◆ What you will do: Give again exactly the lines that run from the start of the records to the line holding "(hidden comment: Inductor)", both ends counted. Do not include the pictures.

◆ Task data:

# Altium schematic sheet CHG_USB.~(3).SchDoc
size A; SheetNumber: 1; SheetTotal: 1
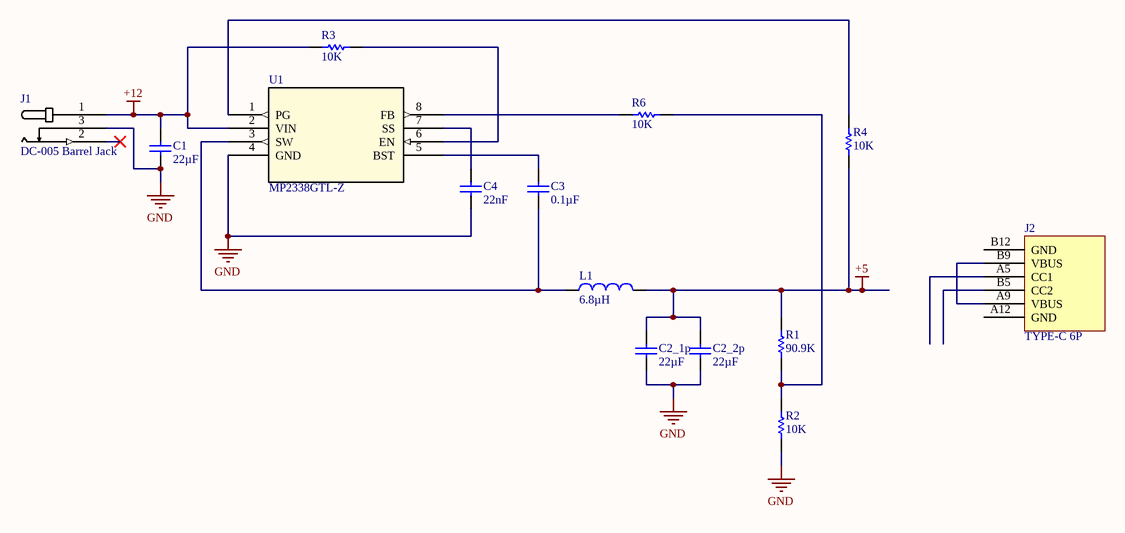
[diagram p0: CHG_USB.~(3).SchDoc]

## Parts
C1  value 22µF  (hidden comment: Capacitor)
C2_1p  value 22µF  (hidden comment: Capacitor)
C2_2p  value 22µF  (hidden comment: Capacitor)
C3  value 0.1µF  (hidden comment: Capacitor)
C4  value 22nF  (hidden comment: Capacitor)
J1  DC-005 Barrel Jack
J2  TYPE-C 6P
L1  value 6.8µH  (hidden comment: Inductor)
R1  value 90.9K  (hidden comment: Resistor)
R2  value 10K  (hidden comment: Resistor)
R3  value 10K  (hidden comment: Resistor)
R4  value 10K  (hidden comment: Resistor)
R6  value 10K  (hidden comment: Resistor)
U1  MP2338GTL-Z

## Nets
+5: C2_1p.2 C2_2p.2 L1.2 R1.2 R4.1
+12: C1.2 J1.1(VIN) R3.1 U1.2(VIN)
GND: C1.1 C2_1p.1 C2_2p.1 C4.1 J1.3(GND) R2.1 U1.4(GND)
NetC3_1: C3.1 L1.1 U1.3(SW)
NetC3_2: C3.2 U1.5(BST)
NetC4_2: C4.2 U1.7(SS)
NetJ2_A9: J2.A9(VBUS) J2.B9(VBUS)
NetR1_1: R1.1 R2.2 R6.2
NetR3_2: R3.2 U1.6(EN)
NetR4_2: R4.2 U1.1(PG)
NetR6_1: R6.1 U1.8(FB)

Not connected (* = marked no-connect by the designer): J1 2(SW)*; J2 A5(CC1) A12(GND) B5(CC2) B12(GND)

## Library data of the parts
C1 C2_1p C2_2p C3 C4 = Capacitor: SimulationGenericComponent: True
J1 = DC-005 Barrel Jack: Barrel Jack to simplify PCB complexity
L1 = Inductor: SimulationGenericComponent: True
R1-R4 R6 = Resistor: TC1: 0; SimulationGenericComponent: True
U1 = MP2338GTL-Z: MP2338 IC

◆ Written answer:
# Altium schematic sheet CHG_USB.~(3).SchDoc
size A; SheetNumber: 1; SheetTotal: 1
[diagram p0: CHG_USB.~(3).SchDoc]

## Parts
C1  value 22µF  (hidden comment: Capacitor)
C2_1p  value 22µF  (hidden comment: Capacitor)
C2_2p  value 22µF  (hidden comment: Capacitor)
C3  value 0.1µF  (hidden comment: Capacitor)
C4  value 22nF  (hidden comment: Capacitor)
J1  DC-005 Barrel Jack
J2  TYPE-C 6P
L1  value 6.8µH  (hidden comment: Inductor)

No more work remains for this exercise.